宇宙航空研究開発機構 サイトマップ

TOP > レポート&コラム > ISASニュース > 連載の内容 > ISAS事情

ISASニュース

金星探査機「あかつき」の報道公開

No.346(2010年1月)掲載

金星は日没後の宵の空に、あるいは夜明け前の暁の空に、全天で一番明るく輝く星として知られています。その金星に向けて、間もなく金星探査機「あかつき」が打ち上げられます。  現在「あかつき」は、本物の探査機(フライトモデルといいます)を用いての地上試験を相模原キャンパスで継続中です。ロケット打上げ時に発生する過酷な振動や衝撃に対する健全性を確認するための機械環境試験(約1ヶ月間行いました)を無事終了し、続いて、宇宙空間航行中の厳しい熱環境に対する健全性を確認するための熱真空試験(これも約1ヶ月かかります)の準備作業に入りました。

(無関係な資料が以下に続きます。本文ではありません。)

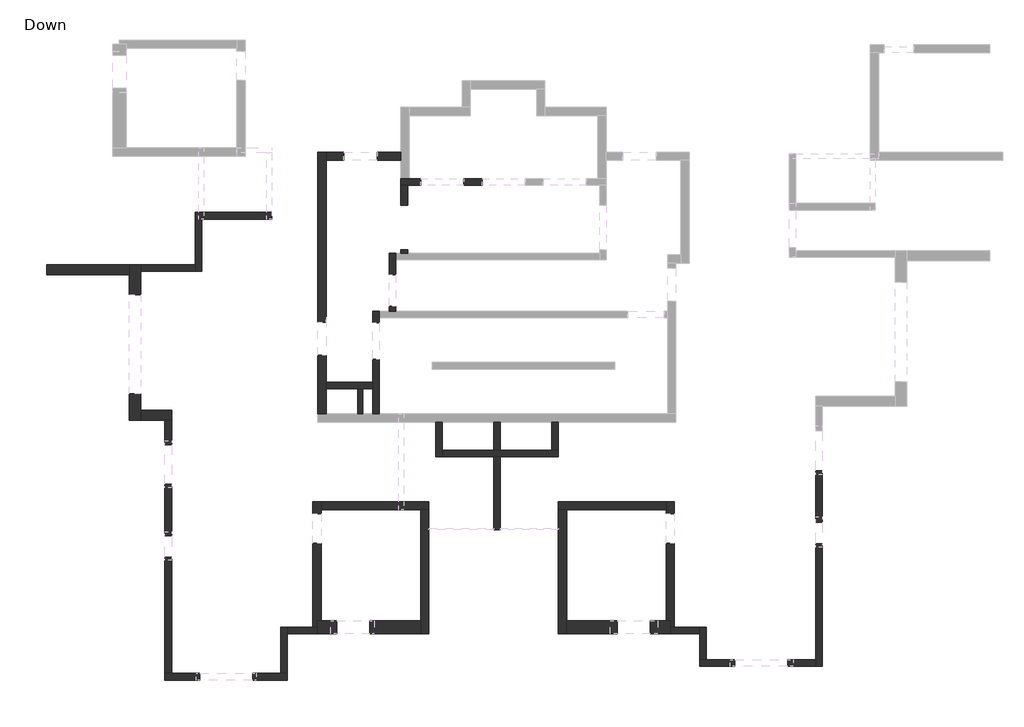
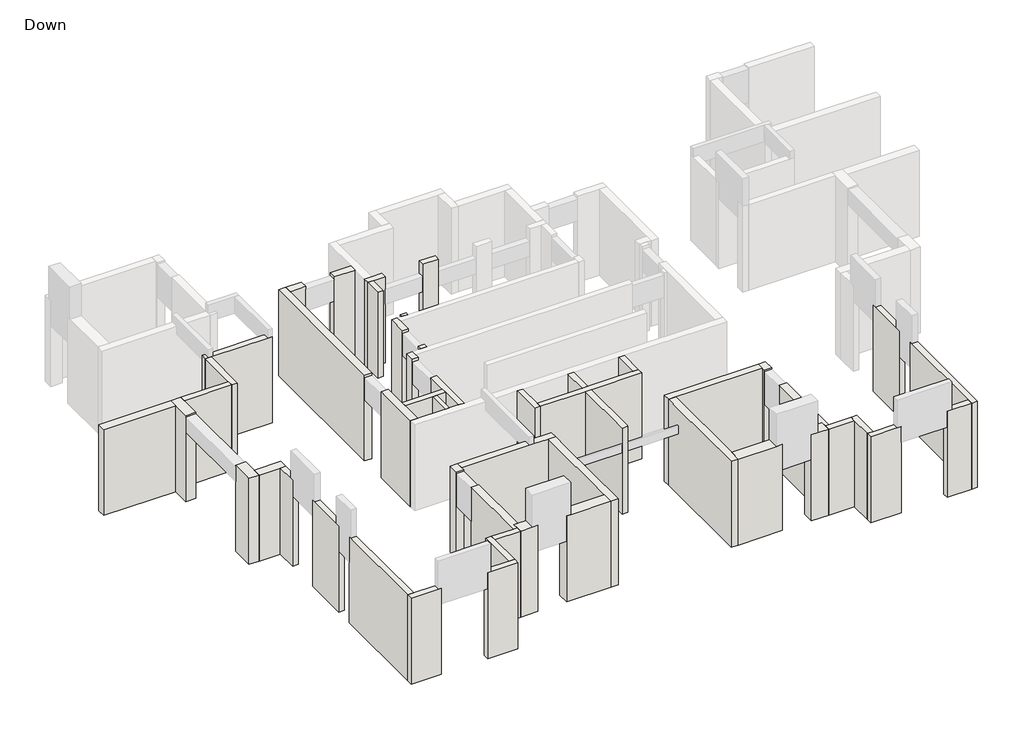
# One storey, part 1 of 3: 51 walls.
"""IFC4 building model written with IfcOpenShell, lengths in millimetres."""

from ifc_helpers import new_model, si_unit, origin, origin_with_axes, place, context, project, spatial, polyline, outline, extrude, faceted_brep, element, save

model = new_model("IFC4")

# Units and contexts
model_context = context("Model", 3, world=origin())
ifc_project = project(units=[si_unit("LENGTHUNIT", "METRE", prefix="MILLI")], contexts=[model_context])

# Site, building, storey
site = spatial("IfcSite", under=ifc_project)
building = spatial("IfcBuilding", under=site)
storey = spatial("IfcBuildingStorey", under=building, Name="Down", Elevation=0.0)

# Walls
placement = place(None, origin())
element("IfcWall", 1, ObjectType="15", at=placement, inside=storey, context=model_context, shape_type="SweptSolid", body=[
    extrude(outline(polyline([(-19501.573099, -7874.1201217), (-19501.573099, -7122.1728784), (-19351.573099, -7122.1728784), (-19351.573099, -7874.1201217), (-19501.573099, -7874.1201217)])), origin_with_axes(), (0.0, 0.0, 1.0), 3150.0),
])
element("IfcWall", 2, ObjectType="20", at=placement, inside=storey, context=model_context, shape_type="Brep", body=[
    faceted_brep([(-22100.9487358, -1784.190313, 0.0), (-24415.0622873, -1784.190313, 0.0), (-24415.0622873, -1784.190313, 3150.0), (-24310.0622873, -1784.190313, 3150.0), (-24160.0622873, -1784.190313, 3150.0), (-22250.9487358, -1784.190313, 3150.0), (-22100.9487358, -1784.190313, 3150.0), (-22100.9487358, -1784.190313, 2850.0), (-22100.9487358, -1984.190313, 0.0), (-22100.9487358, -1984.190313, 2950.0), (-22100.9487358, -1984.190313, 3150.0), (-22250.9487358, -1984.190313, 3150.0), (-24160.0622873, -1984.190313, 3150.0), (-24215.0622873, -1984.190313, 3150.0), (-24310.0622873, -1984.190313, 3150.0), (-24415.0622873, -1984.190313, 3150.0), (-24415.0622873, -1984.190313, 0.0), (-24215.0622873, -1984.190313, 0.0)], [[[0, 1, 2, 3, 4, 5, 6, 7]], [[8, 9, 10, 11, 12, 13, 14, 15, 16, 17]], [[1, 0, 8, 17, 16]], [[6, 5, 4, 3, 2, 15, 14, 13, 12, 11, 10]], [[0, 7, 6, 10, 9, 8]], [[2, 1, 16, 15]]]),
])
element("IfcWall", 3, ObjectType="20", at=placement, inside=storey, context=model_context, shape_type="Brep", body=[
    faceted_brep([(-24415.0622873, -1984.190313, 0.0), (-24415.0622873, -3366.82362, 0.0), (-24415.0622873, -3566.82362, 0.0), (-24415.0622873, -3566.82362, 3150.0), (-24415.0622873, -3366.82362, 3150.0), (-24415.0622873, -1984.190313, 3150.0), (-24215.0622873, -1984.190313, 0.0), (-24215.0622873, -1984.190313, 2950.0), (-24215.0622873, -1984.190313, 3150.0), (-24215.0622873, -3566.82362, 3150.0), (-24215.0622873, -3566.82362, 2950.0), (-24215.0622873, -3566.82362, 0.0)], [[[0, 1, 2, 3, 4, 5]], [[6, 7, 8, 9, 10, 11]], [[2, 1, 0, 6, 11]], [[5, 4, 3, 9, 8]], [[0, 5, 8, 7, 6]], [[3, 2, 11, 10, 9]]]),
])
element("IfcWall", 4, ObjectType="20", at=placement, inside=storey, context=model_context, shape_type="Brep", body=[
    faceted_brep([(-24415.0622873, -3366.82362, 0.0), (-26062.7923903, -3366.82362, 0.0), (-26062.7923903, -3366.82362, 3150.0), (-24415.0622873, -3366.82362, 3150.0), (-24415.0622873, -3566.82362, 0.0), (-24415.0622873, -3566.82362, 3150.0), (-26062.7923903, -3566.82362, 3150.0), (-26062.7923903, -3566.82362, 2950.0), (-26062.7923903, -3566.82362, 0.0)], [[[0, 1, 2, 3]], [[4, 5, 6, 7, 8]], [[1, 0, 4, 8]], [[3, 2, 6, 5]], [[0, 3, 5, 4]], [[2, 1, 8, 7, 6]]]),
])
element("IfcWall", 5, ObjectType="20", at=placement, inside=storey, context=model_context, shape_type="Brep", body=[
    faceted_brep([(-25331.1270445, -12221.0520814, 0.0), (-25331.1270445, -15727.4032645, 0.0), (-25331.1270445, -15727.4032645, 3150.0), (-25331.1270445, -12301.0520814, 3150.0), (-25331.1270445, -12221.0520814, 3150.0), (-25331.1270445, -12221.0520814, 2220.0), (-25131.1270445, -12221.0520814, 0.0), (-25131.1270445, -12221.0520814, 2220.0), (-25131.1270445, -12221.0520814, 3150.0), (-25131.1270445, -12301.0520814, 3150.0), (-25131.1270445, -15727.4032645, 3150.0), (-25131.1270445, -15727.4032645, 2950.0), (-25131.1270445, -15727.4032645, 0.0)], [[[0, 1, 2, 3, 4, 5]], [[6, 7, 8, 9, 10, 11, 12]], [[1, 0, 6, 12]], [[4, 3, 2, 10, 9, 8]], [[0, 5, 4, 8, 7, 6]], [[2, 1, 12, 11, 10]]]),
])
element("IfcWall", 6, ObjectType="20", at=placement, inside=storey, context=model_context, shape_type="Brep", body=[
    faceted_brep([(-22676.7174441, -15927.4032645, 0.0), (-21625.2739934, -15927.4032645, 0.0), (-21625.2739934, -15927.4032645, 3150.0), (-22565.2739934, -15927.4032645, 3150.0), (-22676.7174441, -15927.4032645, 3150.0), (-22676.7174441, -15927.4032645, 2570.0), (-22676.7174441, -15727.4032645, 0.0), (-22676.7174441, -15727.4032645, 2570.0), (-22676.7174441, -15727.4032645, 3150.0), (-22565.2739934, -15727.4032645, 3150.0), (-21825.2739934, -15727.4032645, 3150.0), (-21625.2739934, -15727.4032645, 3150.0), (-21625.2739934, -15727.4032645, 0.0), (-21825.2739934, -15727.4032645, 0.0)], [[[0, 1, 2, 3, 4, 5]], [[6, 7, 8, 9, 10, 11, 12, 13]], [[1, 0, 6, 13, 12]], [[4, 3, 2, 11, 10, 9, 8]], [[0, 5, 4, 8, 7, 6]], [[2, 1, 12, 11]]]),
])
element("IfcWall", 7, ObjectType="20", at=placement, inside=storey, context=model_context, shape_type="Brep", body=[
    faceted_brep([(-21625.2739934, -15727.4032645, 0.0), (-21625.2739934, -14534.8752446, 0.0), (-21625.2739934, -14334.8752446, 0.0), (-21625.2739934, -14334.8752446, 3150.0), (-21625.2739934, -14534.8752446, 3150.0), (-21625.2739934, -15727.4032645, 3150.0), (-21825.2739934, -15727.4032645, 0.0), (-21825.2739934, -15727.4032645, 2950.0), (-21825.2739934, -15727.4032645, 3150.0), (-21825.2739934, -14334.8752446, 3150.0), (-21825.2739934, -14334.8752446, 2950.0), (-21825.2739934, -14334.8752446, 0.0)], [[[0, 1, 2, 3, 4, 5]], [[6, 7, 8, 9, 10, 11]], [[2, 1, 0, 6, 11]], [[5, 4, 3, 9, 8]], [[0, 5, 8, 7, 6]], [[3, 2, 11, 10, 9]]]),
])
element("IfcWall", 8, ObjectType="20", at=placement, inside=storey, context=model_context, shape_type="Brep", body=[
    faceted_brep([(-21625.2739934, -14534.8752446, 0.0), (-20729.0071531, -14534.8752446, 0.0), (-20729.0071531, -14534.8752446, 3150.0), (-21625.2739934, -14534.8752446, 3150.0), (-21625.2739934, -14334.8752446, 0.0), (-21625.2739934, -14334.8752446, 3150.0), (-20854.0071531, -14334.8752446, 3150.0), (-20729.0071531, -14334.8752446, 3150.0), (-20729.0071531, -14334.8752446, 0.0), (-20854.0071531, -14334.8752446, 0.0)], [[[0, 1, 2, 3]], [[4, 5, 6, 7, 8, 9]], [[1, 0, 4, 9, 8]], [[2, 1, 8, 7]], [[3, 2, 7, 6, 5]], [[0, 3, 5, 4]]]),
])
element("IfcWall", 9, ObjectType="20", at=placement, inside=storey, context=model_context, shape_type="Brep", body=[
    faceted_brep([(-5648.4371316, -11806.6175745, 0.0), (-5648.4371316, -15307.4032645, 0.0), (-5648.4371316, -15507.4032645, 0.0), (-5648.4371316, -15507.4032645, 3150.0), (-5648.4371316, -15307.4032645, 3150.0), (-5648.4371316, -11906.6175745, 3150.0), (-5648.4371316, -11806.6175745, 3150.0), (-5648.4371316, -11806.6175745, 2220.0), (-5448.4371316, -11806.6175745, 0.0), (-5448.4371316, -11806.6175745, 2220.0), (-5448.4371316, -11806.6175745, 3150.0), (-5448.4371316, -11906.6175745, 3150.0), (-5448.4371316, -15507.4032645, 3150.0), (-5448.4371316, -15507.4032645, 0.0)], [[[0, 1, 2, 3, 4, 5, 6, 7]], [[8, 9, 10, 11, 12, 13]], [[2, 1, 0, 8, 13]], [[6, 5, 4, 3, 12, 11, 10]], [[0, 7, 6, 10, 9, 8]], [[3, 2, 13, 12]]]),
])
element("IfcWall", 10, ObjectType="20", at=placement, inside=storey, context=model_context, shape_type="Brep", body=[
    faceted_brep([(-8093.7920507, -15307.4032645, 0.0), (-8953.7920507, -15307.4032645, 0.0), (-9153.7920507, -15307.4032645, 0.0), (-9153.7920507, -15307.4032645, 3150.0), (-8953.7920507, -15307.4032645, 3150.0), (-8233.7920507, -15307.4032645, 3150.0), (-8093.7920507, -15307.4032645, 3150.0), (-8093.7920507, -15307.4032645, 2570.0), (-8093.7920507, -15507.4032645, 0.0), (-8093.7920507, -15507.4032645, 2570.0), (-8093.7920507, -15507.4032645, 3150.0), (-8233.7920507, -15507.4032645, 3150.0), (-9153.7920507, -15507.4032645, 3150.0), (-9153.7920507, -15507.4032645, 0.0)], [[[0, 1, 2, 3, 4, 5, 6, 7]], [[8, 9, 10, 11, 12, 13]], [[2, 1, 0, 8, 13]], [[6, 5, 4, 3, 12, 11, 10]], [[0, 7, 6, 10, 9, 8]], [[3, 2, 13, 12]]]),
])
element("IfcWall", 11, ObjectType="20", at=placement, inside=storey, context=model_context, shape_type="Brep", body=[
    faceted_brep([(-8953.7920507, -15307.4032645, 0.0), (-8953.7920507, -14334.8752446, 0.0), (-8953.7920507, -14334.8752446, 2950.0), (-8953.7920507, -14334.8752446, 3150.0), (-8953.7920507, -15307.4032645, 3150.0), (-8953.7920507, -15307.4032645, 2950.0), (-9153.7920507, -15307.4032645, 0.0), (-9153.7920507, -15307.4032645, 3150.0), (-9153.7920507, -14534.8752446, 3150.0), (-9153.7920507, -14334.8752446, 3150.0), (-9153.7920507, -14334.8752446, 0.0), (-9153.7920507, -14534.8752446, 0.0)], [[[0, 1, 2, 3, 4, 5]], [[6, 7, 8, 9, 10, 11]], [[1, 0, 6, 11, 10]], [[4, 3, 9, 8, 7]], [[0, 5, 4, 7, 6]], [[3, 2, 1, 10, 9]]]),
])
element("IfcWall", 12, ObjectType="20", at=placement, inside=storey, context=model_context, shape_type="Brep", body=[
    faceted_brep([(-9153.7920507, -14334.8752446, 0.0), (-9925.0588909, -14334.8752446, 0.0), (-10050.0588909, -14334.8752446, 0.0), (-10050.0588909, -14334.8752446, 3150.0), (-9925.0588909, -14334.8752446, 3150.0), (-9153.7920507, -14334.8752446, 3150.0), (-9153.7920507, -14534.8752446, 0.0), (-9153.7920507, -14534.8752446, 3150.0), (-10050.0588909, -14534.8752446, 3150.0), (-10050.0588909, -14534.8752446, 0.0)], [[[0, 1, 2, 3, 4, 5]], [[6, 7, 8, 9]], [[2, 1, 0, 6, 9]], [[3, 2, 9, 8]], [[5, 4, 3, 8, 7]], [[0, 5, 7, 6]]]),
])
element("IfcWall", 13, ObjectType="20", at=placement, inside=storey, context=model_context, shape_type="Brep", body=[
    faceted_brep([(-19043.2746727, -4768.7708633, 0.0), (-19043.2746727, -5119.2520135, 0.0), (-19043.2746727, -5119.2520135, 2250.0), (-19043.2746727, -5119.2520135, 3050.0), (-19043.2746727, -5119.2520135, 3150.0), (-19043.2746727, -4768.7708633, 3150.0), (-19043.2746727, -4768.7708633, 2950.0), (-18843.2746727, -4768.7708633, 0.0), (-18843.2746727, -4768.7708633, 3150.0), (-18843.2746727, -4968.7708633, 3150.0), (-18843.2746727, -5119.2520135, 3150.0), (-18843.2746727, -5119.2520135, 2950.0), (-18843.2746727, -5119.2520135, 2250.0), (-18843.2746727, -5119.2520135, 0.0), (-18843.2746727, -4968.7708633, 0.0), (-18848.2746727, -5119.2520135, 3150.0)], [[[0, 1, 2, 3, 4, 5, 6]], [[7, 8, 9, 10, 11, 12, 13, 14]], [[1, 0, 7, 14, 13]], [[4, 3, 2, 1, 13, 12, 11, 10, 15]], [[5, 4, 15, 10, 9, 8]], [[0, 6, 5, 8, 7]]]),
])
element("IfcWall", 14, ObjectType="20", at=placement, inside=storey, context=model_context, shape_type="Brep", body=[
    faceted_brep([(-19043.2746727, -6221.210578, 0.0), (-19043.2746727, -6922.1728784, 0.0), (-19043.2746727, -7122.1728784, 0.0), (-19043.2746727, -7874.1201217, 0.0), (-19043.2746727, -7874.1201217, 3150.0), (-19043.2746727, -7122.1728784, 3150.0), (-19043.2746727, -6922.1728784, 3150.0), (-19043.2746727, -6221.210578, 3150.0), (-19043.2746727, -6221.210578, 3050.0), (-19043.2746727, -6221.210578, 2250.0), (-18843.2746727, -6221.210578, 0.0), (-18843.2746727, -6221.210578, 2250.0), (-18843.2746727, -6221.210578, 2950.0), (-18843.2746727, -6221.210578, 3150.0), (-18843.2746727, -7874.1201217, 3150.0), (-18843.2746727, -7874.1201217, 2950.0), (-18843.2746727, -7874.1201217, 0.0), (-18848.2746727, -6221.210578, 3150.0)], [[[0, 1, 2, 3, 4, 5, 6, 7, 8, 9]], [[10, 11, 12, 13, 14, 15, 16]], [[3, 2, 1, 0, 10, 16]], [[7, 6, 5, 4, 14, 13, 17]], [[0, 9, 8, 7, 17, 13, 12, 11, 10]], [[4, 3, 16, 15, 14]]]),
])
element("IfcWall", 15, ObjectType="20", at=placement, inside=storey, context=model_context, shape_type="Brep", body=[
    faceted_brep([(-19043.2746727, -6922.1728784, 0.0), (-20453.0108891, -6922.1728784, 0.0), (-20453.0108891, -6922.1728784, 2950.0), (-20453.0108891, -6922.1728784, 3150.0), (-19043.2746727, -6922.1728784, 3150.0), (-19043.2746727, -6922.1728784, 2950.0), (-19043.2746727, -7122.1728784, 0.0), (-19043.2746727, -7122.1728784, 3150.0), (-19351.573099, -7122.1728784, 3150.0), (-19501.573099, -7122.1728784, 3150.0), (-20453.0108891, -7122.1728784, 3150.0), (-20453.0108891, -7122.1728784, 0.0), (-19501.573099, -7122.1728784, 0.0), (-19351.573099, -7122.1728784, 0.0)], [[[0, 1, 2, 3, 4, 5]], [[6, 7, 8, 9, 10, 11, 12, 13]], [[1, 0, 6, 13, 12, 11]], [[4, 3, 10, 9, 8, 7]], [[3, 2, 1, 11, 10]], [[0, 5, 4, 7, 6]]]),
])
element("IfcWall", 16, ObjectType="20", at=placement, inside=storey, context=model_context, shape_type="Brep", body=[
    faceted_brep([(-15740.0028511, -762.4310014, 0.0), (-16290.9821333, -762.4310014, 0.0), (-16290.9821333, -762.4310014, 2150.0), (-16290.9821333, -762.4310014, 2700.0), (-16290.9821333, -762.4310014, 3150.0), (-15740.0028511, -762.4310014, 3150.0), (-15740.0028511, -762.4310014, 2700.0), (-15740.0028511, -762.4310014, 2150.0), (-15740.0028511, -962.4310014, 0.0), (-15740.0028511, -962.4310014, 2150.0), (-15740.0028511, -962.4310014, 2700.0), (-15740.0028511, -962.4310014, 3150.0), (-16290.9821333, -962.4310014, 3150.0), (-16290.9821333, -962.4310014, 2700.0), (-16290.9821333, -962.4310014, 2150.0), (-16290.9821333, -962.4310014, 0.0)], [[[0, 1, 2, 3, 4, 5, 6, 7]], [[8, 9, 10, 11, 12, 13, 14, 15]], [[1, 0, 8, 15]], [[4, 3, 2, 1, 15, 14, 13, 12]], [[5, 4, 12, 11]], [[0, 7, 6, 5, 11, 10, 9, 8]]]),
])
element("IfcWall", 17, ObjectType="20", at=placement, inside=storey, context=model_context, shape_type="Brep", body=[
    faceted_brep([(-17593.4388298, -762.4310014, 0.0), (-17944.4124515, -762.4310014, 0.0), (-18194.4124515, -762.4310014, 0.0), (-18194.4124515, -762.4310014, 3150.0), (-17944.4124515, -762.4310014, 3150.0), (-17593.4388298, -762.4310014, 3150.0), (-17593.4388298, -762.4310014, 2700.0), (-17593.4388298, -762.4310014, 2150.0), (-17593.4388298, -962.4310014, 0.0), (-17593.4388298, -962.4310014, 2150.0), (-17593.4388298, -962.4310014, 2700.0), (-17593.4388298, -962.4310014, 3150.0), (-17994.4124515, -962.4310014, 3150.0), (-18194.4124515, -962.4310014, 3150.0), (-18194.4124515, -962.4310014, 0.0), (-17994.4124515, -962.4310014, 0.0)], [[[0, 1, 2, 3, 4, 5, 6, 7]], [[8, 9, 10, 11, 12, 13, 14, 15]], [[2, 1, 0, 8, 15, 14]], [[5, 4, 3, 13, 12, 11]], [[0, 7, 6, 5, 11, 10, 9, 8]], [[3, 2, 14, 13]]]),
])
element("IfcWall", 18, ObjectType="20", at=placement, inside=storey, context=model_context, shape_type="Brep", body=[
    faceted_brep([(-18194.4124515, -962.4310014, 0.0), (-18194.4124515, -1563.404623, 0.0), (-18194.4124515, -1563.404623, 2950.0), (-18194.4124515, -1563.404623, 3150.0), (-18194.4124515, -962.4310014, 3150.0), (-17994.4124515, -962.4310014, 0.0), (-17994.4124515, -962.4310014, 3150.0), (-17994.4124515, -1563.404623, 3150.0), (-17994.4124515, -1563.404623, 2950.0), (-17994.4124515, -1563.404623, 0.0)], [[[0, 1, 2, 3, 4]], [[5, 6, 7, 8, 9]], [[1, 0, 5, 9]], [[3, 2, 1, 9, 8, 7]], [[4, 3, 7, 6]], [[0, 4, 6, 5]]]),
])
element("IfcWall", 19, ObjectType="20", at=placement, inside=storey, context=model_context, shape_type="Brep", body=[
    faceted_brep([(-18193.9143195, -2915.3348845, 0.0), (-18193.9143195, -3015.8216954, 0.0), (-18193.9143195, -3015.8216954, 2950.0), (-18193.9143195, -3015.8216954, 3150.0), (-18193.9143195, -2915.3348845, 3150.0), (-18193.9143195, -2915.3348845, 2950.0), (-17993.9143195, -2915.3348845, 0.0), (-17993.9143195, -2915.3348845, 2950.0), (-17993.9143195, -2915.3348845, 3150.0), (-17993.9143195, -3015.8216954, 3150.0), (-17993.9143195, -3015.8216954, 2950.0), (-17993.9143195, -3015.8216954, 0.0)], [[[0, 1, 2, 3, 4, 5]], [[6, 7, 8, 9, 10, 11]], [[1, 0, 6, 11]], [[4, 3, 9, 8]], [[0, 5, 4, 8, 7, 6]], [[3, 2, 1, 11, 10, 9]]]),
])
element("IfcWall", 20, ObjectType="20", at=placement, inside=storey, context=model_context, shape_type="Brep", body=[
    faceted_brep([(-18550.1013454, -3015.8216954, 0.0), (-18550.1013454, -3666.8122988, 0.0), (-18550.1013454, -3666.8122988, 2250.0), (-18550.1013454, -3666.8122988, 3050.0), (-18550.1013454, -3666.8122988, 3150.0), (-18550.1013454, -3015.8216954, 3150.0), (-18550.1013454, -3015.8216954, 2950.0), (-18350.1013454, -3015.8216954, 0.0), (-18350.1013454, -3015.8216954, 3150.0), (-18350.1013454, -3215.8216954, 3150.0), (-18350.1013454, -3666.8122988, 3150.0), (-18350.1013454, -3666.8122988, 3050.0), (-18350.1013454, -3666.8122988, 2250.0), (-18350.1013454, -3666.8122988, 0.0), (-18350.1013454, -3215.8216954, 0.0)], [[[0, 1, 2, 3, 4, 5, 6]], [[7, 8, 9, 10, 11, 12, 13, 14]], [[1, 0, 7, 14, 13]], [[4, 3, 2, 1, 13, 12, 11, 10]], [[5, 4, 10, 9, 8]], [[0, 6, 5, 8, 7]]]),
])
element("IfcWall", 21, ObjectType="20", at=placement, inside=storey, context=model_context, shape_type="Brep", body=[
    faceted_brep([(-17147.6559701, -8124.1201217, 0.0), (-17147.6559701, -9176.0843468, 0.0), (-17147.6559701, -9176.0843468, 3000.0), (-17147.6559701, -9176.0843468, 3150.0), (-17147.6559701, -8124.1201217, 3150.0), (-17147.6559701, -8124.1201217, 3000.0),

機械環境試験では大型の振動衝撃試験装置の上に探査機を載せるため外部からの見学が容易ですが、熱真空試験では宇宙空間を模擬的につくり出すために大型の熱真空チャンバに探査機全体を入れるので、外部から探査機の様子を見ることが難しくなります。そのため、熱真空試験が始まる前、探査機の全貌がよく見える時期を選んで、「あかつき」を報道関係者に公開することになりました。報道公開当日の2009年11月27日は、13社18名の報道関係者が相模原キャンパスを訪れ、2グループに分かれて衛星環境試験棟のクリーンルームに入り、探査機本体とその周辺で作業するプロジェクト関係者を撮影しました。ちょうどこの時期は、「お届けします! あなたのメッセージ、暁の金星へ」と題し、一般の人の名前や金星人への手紙や質問といった短い文章をアルミプレートに刻み探査機と一緒に金星へ届けるというメッセージキャンペーンを実施中でした。このキャンペーンの紹介と併せて、「あかつき」の様子が新聞やニュースで取り上げられました。

打上げ前の地上試験はほぼ最終段階となり、いよいよ新年度には種子島でH-UAロケットに搭載されます。きっと、たくさんの人の夢と期待を、見事金星に届けてくれることでしょう。